Entries taken from a collection:

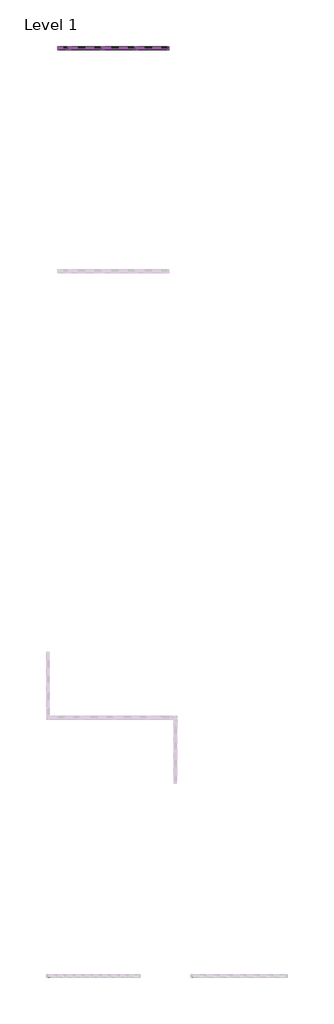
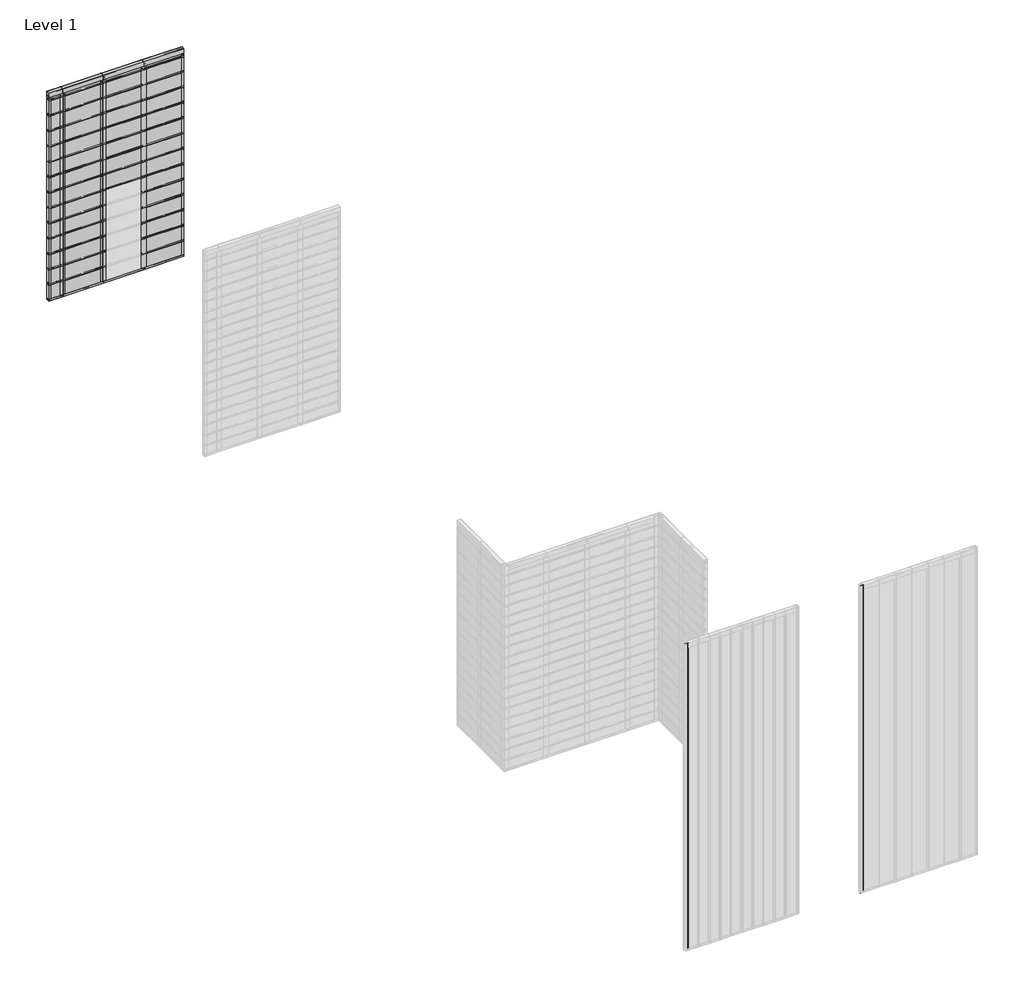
# One storey, part 6 of 6: 78 members, 52 plates.
"""IFC4 building model written with IfcOpenShell, lengths in millimetres."""

from ifc_helpers import new_model, si_unit, origin, place, context, project, spatial, transform, mapped, element, save
from components import rectangular_mullion_fastplank_2_piece_j_trim_top_41258425, rectangular_mullion_fastplank_2_piece_j_trim_top_c2ded550, rectangular_mullion_fastplank_2_piece_j_trim_top_f27fafb0, rectangular_mullion_fastplank_2_piece_vertical_trim_7b95ae3f, rectangular_mullion_fastplank_2_piece_vertical_trim_f2f3523c, rectangular_mullion_fastplank_2_piece_vertical_trim_9380873f, rectangular_mullion_fastplank_general_j_vertical_left_d777bbc9, rectangular_mullion_fastplank_general_j_vertical_left_623ef479, rectangular_mullion_fastplank_general_j_vertical_left_9ba2d4fe, rectangular_mullion_fastplank_perforated_starter_j_trim_76a2169d, rectangular_mullion_fastplank_perforated_starter_j_trim_cc9b52f4, rectangular_mullion_fastplank_perforated_starter_j_trim_a5b82761, plate_89dcd24a, plate_b794fd4a, plate_b0c13ac5, plate_d7aa4930, curtain_panel_curtain_panel_e2700ddb, curtain_panel_curtain_panel_f88c90b2

model = new_model("IFC4")

# Units and contexts
model_context = context("Model", 3, world=origin())
ifc_project = project(units=[si_unit("LENGTHUNIT", "METRE", prefix="MILLI")], contexts=[model_context])

# Site, building, storey
site = spatial("IfcSite", under=ifc_project)
building = spatial("IfcBuilding", under=site)
storey = spatial("IfcBuildingStorey", under=building, Name="Level 1", Elevation=0.0)

# Members
placement = place(None, origin())
rectangular_mullion_fastplank_2_piece_j_trim_top_shape = rectangular_mullion_fastplank_2_piece_j_trim_top_41258425(model_context)
element("IfcMember", 1, ObjectType="Rectangular Mullion : FastPlank_2-Piece-J-Trim-Top", at=placement, inside=storey, context=model_context, shape_type="MappedRepresentation", body=[
    mapped(rectangular_mullion_fastplank_2_piece_j_trim_top_shape, transform((-999.5316441, 9564.9134647, 2061.3058116), x_axis=(0.0, 0.0, 1.0), y_axis=(0.0, 1.0, 0.0), z_axis=(-1.0, 0.0, 0.0))),
])
rectangular_mullion_fastplank_2_piece_j_trim_top_2_shape = rectangular_mullion_fastplank_2_piece_j_trim_top_c2ded550(model_context)
element("IfcMember", 2, ObjectType="Rectangular Mullion : FastPlank_2-Piece-J-Trim-Top", at=placement, inside=storey, context=model_context, shape_type="MappedRepresentation", body=[
    mapped(rectangular_mullion_fastplank_2_piece_j_trim_top_2_shape, transform((-1892.9700325, 9564.9134647, 2061.3058116), x_axis=(0.0, 0.0, 1.0), y_axis=(0.0, 1.0, 0.0), z_axis=(-1.0, 0.0, 0.0))),
])
rectangular_mullion_fastplank_2_piece_j_trim_top_3_shape = rectangular_mullion_fastplank_2_piece_j_trim_top_f27fafb0(model_context)
element("IfcMember", 3, ObjectType="Rectangular Mullion : FastPlank_2-Piece-J-Trim-Top", at=placement, inside=storey, context=model_context, shape_type="MappedRepresentation", body=[
    mapped(rectangular_mullion_fastplank_2_piece_j_trim_top_3_shape, transform((-1380.5316441, 9564.9134647, 2061.3058116), x_axis=(0.0, 0.0, 1.0), y_axis=(0.0, 1.0, 0.0), z_axis=(-1.0, 0.0, 0.0))),
])
element("IfcMember", 4, ObjectType="Rectangular Mullion : FastPlank_2-Piece-J-Trim-Top", at=placement, inside=storey, context=model_context, shape_type="MappedRepresentation", body=[
    mapped(rectangular_mullion_fastplank_2_piece_j_trim_top_3_shape, transform((-1761.5316441, 9564.9134647, 2061.3058116), x_axis=(0.0, 0.0, 1.0), y_axis=(0.0, 1.0, 0.0), z_axis=(-1.0, 0.0, 0.0))),
])
rectangular_mullion_fastplank_2_piece_vertical_trim_shape = rectangular_mullion_fastplank_2_piece_vertical_trim_7b95ae3f(model_context)
element("IfcMember", 5, ObjectType="Rectangular Mullion : FastPlank_2-Piece-Vertical-Trim", at=placement, inside=storey, context=model_context, shape_type="MappedRepresentation", body=[
    mapped(rectangular_mullion_fastplank_2_piece_vertical_trim_shape, transform((-999.5316441, 9564.9134647, 19.05), x_axis=(-1.0, 0.0, 0.0), y_axis=(0.0, 1.0, 0.0), z_axis=(0.0, 0.0, -1.0))),
])
element("IfcMember", 6, ObjectType="Rectangular Mullion : FastPlank_2-Piece-Vertical-Trim", at=placement, inside=storey, context=model_context, shape_type="MappedRepresentation", body=[
    mapped(rectangular_mullion_fastplank_2_piece_vertical_trim_shape, transform((-1380.5316441, 9564.9134647, 19.05), x_axis=(-1.0, 0.0, 0.0), y_axis=(0.0, 1.0, 0.0), z_axis=(0.0, 0.0, -1.0))),
])
element("IfcMember", 7, ObjectType="Rectangular Mullion : FastPlank_2-Piece-Vertical-Trim", at=placement, inside=storey, context=model_context, shape_type="MappedRepresentation", body=[
    mapped(rectangular_mullion_fastplank_2_piece_vertical_trim_shape, transform((-1761.5316441, 9564.9134647, 19.05), x_axis=(-1.0, 0.0, 0.0), y_axis=(0.0, 1.0, 0.0), z_axis=(0.0, 0.0, -1.0))),
])
rectangular_mullion_fastplank_2_piece_vertical_trim_2_shape = rectangular_mullion_fastplank_2_piece_vertical_trim_f2f3523c(model_context)
element("IfcMember", 8, ObjectType="Rectangular Mullion : FastPlank_2-Piece-Vertical-Trim", at=placement, inside=storey, context=model_context, shape_type="MappedRepresentation", body=[
    mapped(rectangular_mullion_fastplank_2_piece_vertical_trim_2_shape, transform((-999.5316441, 9564.9134647, 153.7000189), x_axis=(-1.0, 0.0, 0.0), y_axis=(0.0, 1.0, 0.0), z_axis=(0.0, 0.0, -1.0))),
])
element("IfcMember", 9, ObjectType="Rectangular Mullion : FastPlank_2-Piece-Vertical-Trim", at=placement, inside=storey, context=model_context, shape_type="MappedRepresentation", body=[
    mapped(rectangular_mullion_fastplank_2_piece_vertical_trim_2_shape, transform((-999.5316441, 9564.9134647, 306.1000189), x_axis=(-1.0, 0.0, 0.0), y_axis=(0.0, 1.0, 0.0), z_axis=(0.0, 0.0, -1.0))),
])
element("IfcMember", 10, ObjectType="Rectangular Mullion : FastPlank_2-Piece-Vertical-Trim", at=placement, inside=storey, context=model_context, shape_type="MappedRepresentation", body=[
    mapped(rectangular_mullion_fastplank_2_piece_vertical_trim_2_shape, transform((-999.5316441, 9564.9134647, 458.5000189), x_axis=(-1.0, 0.0, 0.0), y_axis=(0.0, 1.0, 0.0), z_axis=(0.0, 0.0, -1.0))),
])
element("IfcMember", 11, ObjectType="Rectangular Mullion : FastPlank_2-Piece-Vertical-Trim", at=placement, inside=storey, context=model_context, shape_type="MappedRepresentation", body=[
    mapped(rectangular_mullion_fastplank_2_piece_vertical_trim_2_shape, transform((-999.5316441, 9564.9134647, 610.9000189), x_axis=(-1.0, 0.0, 0.0), y_axis=(0.0, 1.0, 0.0), z_axis=(0.0, 0.0, -1.0))),
])
element("IfcMember", 12, ObjectType="Rectangular Mullion : FastPlank_2-Piece-Vertical-Trim", at=placement, inside=storey, context=model_context, shape_type="MappedRepresentation", body=[
    mapped(rectangular_mullion_fastplank_2_piece_vertical_trim_2_shape, transform((-999.5316441, 9564.9134647, 763.3000189), x_axis=(-1.0, 0.0, 0.0), y_axis=(0.0, 1.0, 0.0), z_axis=(0.0, 0.0, -1.0))),
])
element("IfcMember", 13, ObjectType="Rectangular Mullion : FastPlank_2-Piece-Vertical-Trim", at=placement, inside=storey, context=model_context, shape_type="MappedRepresentation", body=[
    mapped(rectangular_mullion_fastplank_2_piece_vertical_trim_2_shape, transform((-999.5316441, 9564.9134647, 915.7000189), x_axis=(-1.0, 0.0, 0.0), y_axis=(0.0, 1.0, 0.0), z_axis=(0.0, 0.0, -1.0))),
])
element("IfcMember", 14, ObjectType="Rectangular Mullion : FastPlank_2-Piece-Vertical-Trim", at=placement, inside=storey, context=model_context, shape_type="MappedRepresentation", body=[
    mapped(rectangular_mullion_fastplank_2_piece_vertical_trim_2_shape, transform((-999.5316441, 9564.9134647, 1068.1000189), x_axis=(-1.0, 0.0, 0.0), y_axis=(0.0, 1.0, 0.0), z_axis=(0.0, 0.0, -1.0))),
])
element("IfcMember", 15, ObjectType="Rectangular Mullion : FastPlank_2-Piece-Vertical-Trim", at=placement, inside=storey, context=model_context, shape_type="MappedRepresentation", body=[
    mapped(rectangular_mullion_fastplank_2_piece_vertical_trim_2_shape, transform((-999.5316441, 9564.9134647, 1220.5000189), x_axis=(-1.0, 0.0, 0.0), y_axis=(0.0, 1.0, 0.0), z_axis=(0.0, 0.0, -1.0))),
])
element("IfcMember", 16, ObjectType="Rectangular Mullion : FastPlank_2-Piece-Vertical-Trim", at=placement, inside=storey, context=model_context, shape_type="MappedRepresentation", body=[
    mapped(rectangular_mullion_fastplank_2_piece_vertical_trim_2_shape, transform((-999.5316441, 9564.9134647, 1372.9000189), x_axis=(-1.0, 0.0, 0.0), y_axis=(0.0, 1.0, 0.0), z_axis=(0.0, 0.0, -1.0))),
])
element("IfcMember", 17, ObjectType="Rectangular Mullion : FastPlank_2-Piece-Vertical-Trim", at=placement, inside=storey, context=model_context, shape_type="MappedRepresentation", body=[
    mapped(rectangular_mullion_fastplank_2_piece_vertical_trim_2_shape, transform((-999.5316441, 9564.9134647, 1525.3000189), x_axis=(-1.0, 0.0, 0.0), y_axis=(0.0, 1.0, 0.0), z_axis=(0.0, 0.0, -1.0))),
])
element("IfcMember", 18, ObjectType="Rectangular Mullion : FastPlank_2-Piece-Vertical-Trim", at=placement, inside=storey, context=model_context, shape_type="MappedRepresentation", body=[
    mapped(rectangular_mullion_fastplank_2_piece_vertical_trim_2_shape, transform((-999.5316441, 9564.9134647, 1677.7000189), x_axis=(-1.0, 0.0, 0.0), y_axis=(0.0, 1.0, 0.0), z_axis=(0.0, 0.0, -1.0))),
])
element("IfcMember", 19, ObjectType="Rectangular Mullion : FastPlank_2-Piece-Vertical-Trim", at=placement, inside=storey, context=model_context, shape_type="MappedRepresentation", body=[
    mapped(rectangular_mullion_fastplank_2_piece_vertical_trim_2_shape, transform((-1380.5316441, 9564.9134647, 153.7000189), x_axis=(-1.0, 0.0, 0.0), y_axis=(0.0, 1.0, 0.0), z_axis=(0.0, 0.0, -1.0))),
])
element("IfcMember", 20, ObjectType="Rectangular Mullion : FastPlank_2-Piece-Vertical-Trim", at=placement, inside=storey, context=model_context, shape_type="MappedRepresentation", body=[
    mapped(rectangular_mullion_fastplank_2_piece_vertical_trim_2_shape, transform((-1761.5316441, 9564.9134647, 153.7000189), x_axis=(-1.0, 0.0, 0.0), y_axis=(0.0, 1.0, 0.0), z_axis=(0.0, 0.0, -1.0))),
])
element("IfcMember", 21, ObjectType="Rectangular Mullion : FastPlank_2-Piece-Vertical-Trim", at=placement, inside=storey, context=model_context, shape_type="MappedRepresentation", body=[
    mapped(rectangular_mullion_fastplank_2_piece_vertical_trim_2_shape, transform((-1380.5316441, 9564.9134647, 306.1000189), x_axis=(-1.0, 0.0, 0.0), y_axis=(0.0, 1.0, 0.0), z_axis=(0.0, 0.0, -1.0))),
])
element("IfcMember", 22, ObjectType="Rectangular Mullion : FastPlank_2-Piece-Vertical-Trim", at=placement, inside=storey, context=model_context, shape_type="MappedRepresentation", body=[
    mapped(rectangular_mullion_fastplank_2_piece_vertical_trim_2_shape, transform((-1761.5316441, 9564.9134647, 306.1000189), x_axis=(-1.0, 0.0, 0.0), y_axis=(0.0, 1.0, 0.0), z_axis=(0.0, 0.0, -1.0))),
])
element("IfcMember", 23, ObjectType="Rectangular Mullion : FastPlank_2-Piece-Vertical-Trim", at=placement, inside=storey, context=model_context, shape_type="MappedRepresentation", body=[
    mapped(rectangular_mullion_fastplank_2_piece_vertical_trim_2_shape, transform((-1380.5316441, 9564.9134647, 458.5000189), x_axis=(-1.0, 0.0, 0.0), y_axis=(0.0, 1.0, 0.0), z_axis=(0.0, 0.0, -1.0))),
])
element("IfcMember", 24, ObjectType="Rectangular Mullion : FastPlank_2-Piece-Vertical-Trim", at=placement, inside=storey, context=model_context, shape_type="MappedRepresentation", body=[
    mapped(rectangular_mullion_fastplank_2_piece_vertical_trim_2_shape, transform((-1761.5316441, 9564.9134647, 458.5000189), x_axis=(-1.0, 0.0, 0.0), y_axis=(0.0, 1.0, 0.0), z_axis=(0.0, 0.0, -1.0))),
])
element("IfcMember", 25, ObjectType="Rectangular Mullion : FastPlank_2-Piece-Vertical-Trim", at=placement, inside=storey, context=model_context, shape_type="MappedRepresentation", body=[
    mapped(rectangular_mullion_fastplank_2_piece_vertical_trim_2_shape, transform((-1380.5316441, 9564.9134647, 610.9000189), x_axis=(-1.0, 0.0, 0.0), y_axis=(0.0, 1.0, 0.0), z_axis=(0.0, 0.0, -1.0))),
])
element("IfcMember", 26, ObjectType="Rectangular Mullion : FastPlank_2-Piece-Vertical-Trim", at=placement, inside=storey, context=model_context, shape_type="MappedRepresentation", body=[
    mapped(rectangular_mullion_fastplank_2_piece_vertical_trim_2_shape, transform((-1761.5316441, 9564.9134647, 610.9000189), x_axis=(-1.0, 0.0, 0.0), y_axis=(0.0, 1.0, 0.0), z_axis=(0.0, 0.0, -1.0))),
])
element("IfcMember", 27, ObjectType="Rectangular Mullion : FastPlank_2-Piece-Vertical-Trim", at=placement, inside=storey, context=model_context, shape_type="MappedRepresentation", body=[
    mapped(rectangular_mullion_fastplank_2_piece_vertical_trim_2_shape, transform((-1380.5316441, 9564.9134647, 763.3000189), x_axis=(-1.0, 0.0, 0.0), y_axis=(0.0, 1.0, 0.0), z_axis=(0.0, 0.0, -1.0))),
])
element("IfcMember", 28, ObjectType="Rectangular Mullion : FastPlank_2-Piece-Vertical-Trim", at=placement, inside=storey, context=model_context, shape_type="MappedRepresentation", body=[
    mapped(rectangular_mullion_fastplank_2_piece_vertical_trim_2_shape, transform((-1761.5316441, 9564.9134647, 763.3000189), x_axis=(-1.0, 0.0, 0.0), y_axis=(0.0, 1.0, 0.0), z_axis=(0.0, 0.0, -1.0))),
])
element("IfcMember", 29, ObjectType="Rectangular Mullion : FastPlank_2-Piece-Vertical-Trim", at=placement, inside=storey, context=model_context, shape_type="MappedRepresentation", body=[
    mapped(rectangular_mullion_fastplank_2_piece_vertical_trim_2_shape, transform((-1380.5316441, 9564.9134647, 915.7000189), x_axis=(-1.0, 0.0, 0.0), y_axis=(0.0, 1.0, 0.0), z_axis=(0.0, 0.0, -1.0))),
])
element("IfcMember", 30, ObjectType="Rectangular Mullion : FastPlank_2-Piece-Vertical-Trim", at=placement, inside=storey, context=model_context, shape_type="MappedRepresentation", body=[
    mapped(rectangular_mullion_fastplank_2_piece_vertical_trim_2_shape, transform((-1761.5316441, 9564.9134647, 915.7000189), x_axis=(-1.0, 0.0, 0.0), y_axis=(0.0, 1.0, 0.0), z_axis=(0.0, 0.0, -1.0))),
])
element("IfcMember", 31, ObjectType="Rectangular Mullion : FastPlank_2-Piece-Vertical-Trim", at=placement, inside=storey, context=model_context, shape_type="MappedRepresentation", body=[
    mapped(rectangular_mullion_fastplank_2_piece_vertical_trim_2_shape, transform((-1380.5316441, 9564.9134647, 1068.1000189), x_axis=(-1.0, 0.0, 0.0), y_axis=(0.0, 1.0, 0.0), z_axis=(0.0, 0.0, -1.0))),
])
element("IfcMember", 32, ObjectType="Rectangular Mullion : FastPlank_2-Piece-Vertical-Trim", at=placement, inside=storey, context=model_context, shape_type="MappedRepresentation", body=[
    mapped(rectangular_mullion_fastplank_2_piece_vertical_trim_2_shape, transform((-1761.5316441, 9564.9134647, 1068.1000189), x_axis=(-1.0, 0.0, 0.0), y_axis=(0.0, 1.0, 0.0), z_axis=(0.0, 0.0, -1.0))),
])
element("IfcMember", 33, ObjectType="Rectangular Mullion : FastPlank_2-Piece-Vertical-Trim", at=placement, inside=storey, context=model_context, shape_type="MappedRepresentation", body=[
    mapped(rectangular_mullion_fastplank_2_piece_vertical_trim_2_shape, transform((-1380.5316441, 9564.9134647, 1220.5000189), x_axis=(-1.0, 0.0, 0.0), y_axis=(0.0, 1.0, 0.0), z_axis=(0.0, 0.0, -1.0))),
])
element("IfcMember", 34, ObjectType="Rectangular Mullion : FastPlank_2-Piece-Vertical-Trim", at=placement, inside=storey, context=model_context, shape_type="MappedRepresentation", body=[
    mapped(rectangular_mullion_fastplank_2_piece_vertical_trim_2_shape, transform((-1761.5316441, 9564.9134647, 1220.5000189), x_axis=(-1.0, 0.0, 0.0), y_axis=(0.0, 1.0, 0.0), z_axis=(0.0, 0.0, -1.0))),
])
element("IfcMember", 35, ObjectType="Rectangular Mullion : FastPlank_2-Piece-Vertical-Trim", at=placement, inside=storey, context=model_context, shape_type="MappedRepresentation", body=[
    mapped(rectangular_mullion_fastplank_2_piece_vertical_trim_2_shape, transform((-1380.5316441, 9564.9134647, 1372.9000189), x_axis=(-1.0, 0.0, 0.0), y_axis=(0.0, 1.0, 0.0), z_axis=(0.0, 0.0, -1.0))),
])
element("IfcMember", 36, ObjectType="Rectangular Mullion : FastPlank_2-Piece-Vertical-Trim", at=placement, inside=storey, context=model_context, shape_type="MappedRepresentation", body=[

▸ **Assignment**: Your task is to restate word for word the lines from the top of the data to the line containing "from ifc_helpers import", both ends included, with every picture left out.

▸ **Result**:
# One storey, part 6 of 6: 78 members, 52 plates.
"""IFC4 building model written with IfcOpenShell, lengths in millimetres."""

from ifc_helpers import new_model, si_unit, origin, place, context, project, spatial, transform, mapped, element, save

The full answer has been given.